*Material to process*.

● ● ●

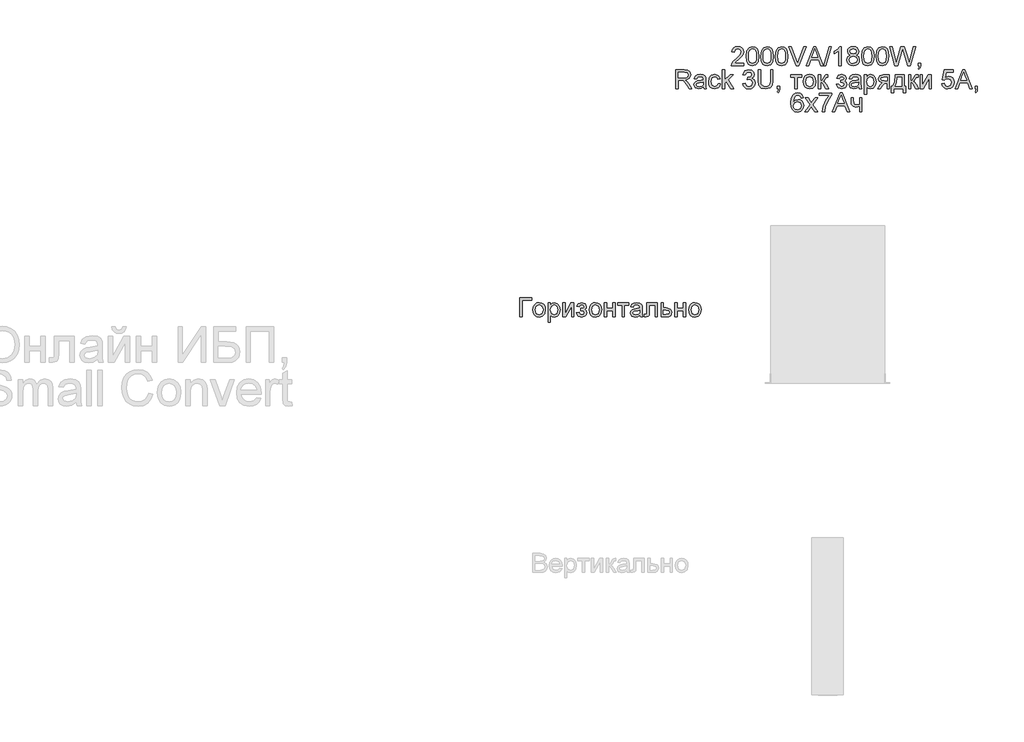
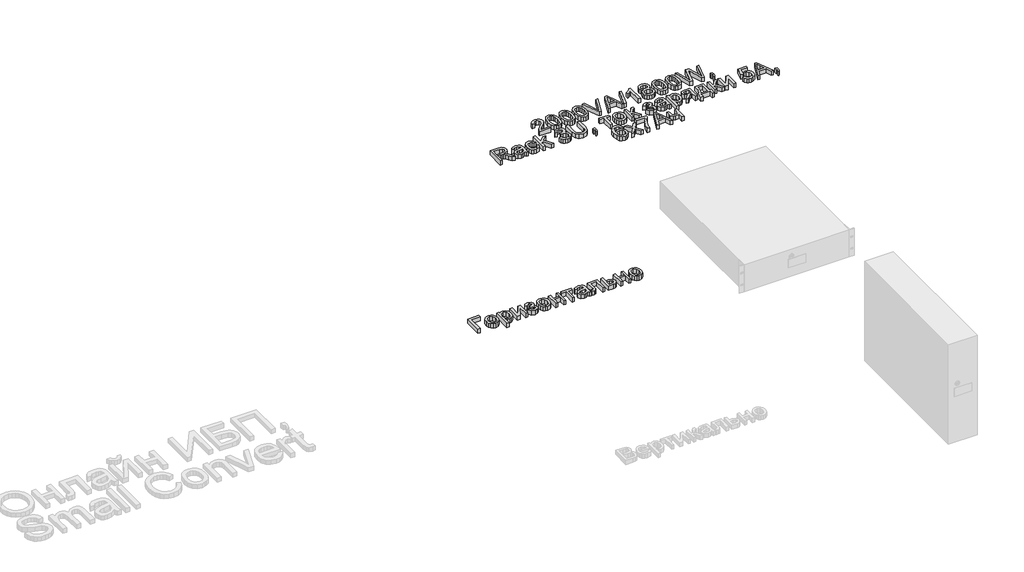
# One storey, part 12 of 74: 2 proxies.
"""IFC4 building model written with IfcOpenShell, lengths in millimetres."""

import ifcopenshell
import ifcopenshell.guid

model = None  # the IFC model being written
_history = None  # IfcOwnerHistory: only IFC2X3 demands one
_inside = {}  # id of a spatial element -> (the spatial element, [elements in it])
_under = {}  # id of a project, library or spatial element -> (it, [spatial elements below it])
_declared = {}  # id of a project -> (the project, [libraries it declares])
_typed = {}  # id of a type object -> (the type object, [elements of that type])
_made_of = {}  # id of a material, layer set ... -> (it, [elements and type objects made of it])


def new_model(schema):
    """Start an empty IFC model of exactly this schema.

    Asked for "IFC4X3", IfcOpenShell would pick the latest addendum, in which some entities
    have other attributes; the version numbers below select the first issue.
    IFC2X3 requires an IfcOwnerHistory on every rooted entity: one is made here for all.
    """
    global model, _history
    if schema == "IFC4X3":
        model = ifcopenshell.file(schema_version=(4, 3, 0, 0))
    else:
        model = ifcopenshell.file(schema=schema)
    _inside.clear()
    _under.clear()
    _declared.clear()
    _typed.clear()
    _made_of.clear()
    _history = None
    if model.schema == "IFC2X3":
        org = make("IfcOrganization", Name="unknown")
        user = make(
            "IfcPersonAndOrganization",
            ThePerson=make("IfcPerson", FamilyName="unknown"),
            TheOrganization=org,
        )
        app = make(
            "IfcApplication",
            ApplicationDeveloper=org,
            Version="unknown",
            ApplicationFullName="unknown",
            ApplicationIdentifier="unknown",
        )
        _history = make(
            "IfcOwnerHistory",
            OwningUser=user,
            OwningApplication=app,
            ChangeAction="ADDED",
            CreationDate=0,
        )
    return model


def make(cls, **values):
    """One entity of the class cls with the attributes given. An attribute that is None is left unset."""
    return model.create_entity(
        cls, **{name: value for name, value in values.items() if value is not None}
    )


def rooted(cls, **values):
    """An entity with a GlobalId (a new one), such as an element, a storey or a relation."""
    return make(cls, GlobalId=ifcopenshell.guid.new(), OwnerHistory=_history, **values)


def si_unit(unit_type, name, prefix=None):
    """IfcSIUnit, for example si_unit("LENGTHUNIT", "METRE", prefix="MILLI")."""
    return make("IfcSIUnit", UnitType=unit_type, Prefix=prefix, Name=name)


def assignment(units):
    """IfcUnitAssignment: the units of a project."""
    return None if units is None else make("IfcUnitAssignment", Units=units)


def point(xyz):
    """IfcCartesianPoint."""
    return None if xyz is None else make("IfcCartesianPoint", Coordinates=xyz)


def direction(xyz):
    """IfcDirection."""
    return None if xyz is None else make("IfcDirection", DirectionRatios=xyz)


def frame(location, z_axis=None, x_axis=None):
    """IfcAxis2Placement3D, a coordinate frame: its origin and axes. An axis left out is left unset."""
    return make(
        "IfcAxis2Placement3D",
        Location=point(location),
        Axis=direction(z_axis),
        RefDirection=direction(x_axis),
    )


def origin():
    """The frame at (0, 0, 0) with its axes left unset."""
    return frame((0.0, 0.0, 0.0))


def origin_with_axes():
    """The frame at (0, 0, 0) with the z axis (0, 0, 1) and the x axis (1, 0, 0) written out."""
    return frame((0.0, 0.0, 0.0), z_axis=(0.0, 0.0, 1.0), x_axis=(1.0, 0.0, 0.0))


def place(relative_to, where):
    """IfcLocalPlacement: puts the frame where relative to a parent placement (None: the world)."""
    return make(
        "IfcLocalPlacement", PlacementRelTo=relative_to, RelativePlacement=where
    )


def context(
    kind, dimensions, precision=None, world=None, true_north=None, identifier=None
):
    """IfcGeometricRepresentationContext, for example the 3D "Model" context."""
    return make(
        "IfcGeometricRepresentationContext",
        ContextIdentifier=identifier,
        ContextType=kind,
        CoordinateSpaceDimension=dimensions,
        Precision=precision,
        WorldCoordinateSystem=world,
        TrueNorth=true_north,
    )


def project(units=None, contexts=None):
    """IfcProject with its units and contexts."""
    return rooted(
        "IfcProject",
        Name="project",
        RepresentationContexts=contexts,
        UnitsInContext=assignment(units),
    )


def spatial(cls, under=None, at=None, **own):
    """A site, building, storey or space (cls), placed at a placement, below another one or the project."""
    s = rooted(cls, ObjectPlacement=at, **own)
    if under is not None:
        _under.setdefault(under.id(), (under, []))[1].append(s)
    return s


def polyline(points):
    """IfcPolyline through the points."""
    return make("IfcPolyline", Points=[point(p) for p in points])


def outline(outer, holes=None, kind="AREA"):
    """IfcArbitraryClosedProfileDef: a profile drawn as a closed curve; with holes, ...WithVoids."""
    if holes is None:
        return make("IfcArbitraryClosedProfileDef", ProfileType=kind, OuterCurve=outer)
    return make(
        "IfcArbitraryProfileDefWithVoids",
        ProfileType=kind,
        OuterCurve=outer,
        InnerCurves=holes,
    )


def extrude(swept, where, along, depth):
    """IfcExtrudedAreaSolid: the profile swept, set in the frame where, extruded along a direction by depth."""
    return make(
        "IfcExtrudedAreaSolid",
        SweptArea=swept,
        Position=where,
        ExtrudedDirection=direction(along),
        Depth=depth,
    )


def shape(context_of_items, identifier, shape_type, items):
    """IfcShapeRepresentation: the items that make up one representation, for example the "Body"."""
    return make(
        "IfcShapeRepresentation",
        ContextOfItems=context_of_items,
        RepresentationIdentifier=identifier,
        RepresentationType=shape_type,
        Items=items,
    )


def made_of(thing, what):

● ● ●

*Instructions for the task*. Please copy each line of the material that has the string "depth" somewhere in it.

*Result for this exercise*.
def extrude(swept, where, along, depth):
    """IfcExtrudedAreaSolid: the profile swept, set in the frame where, extruded along a direction by depth."""
        Depth=depth,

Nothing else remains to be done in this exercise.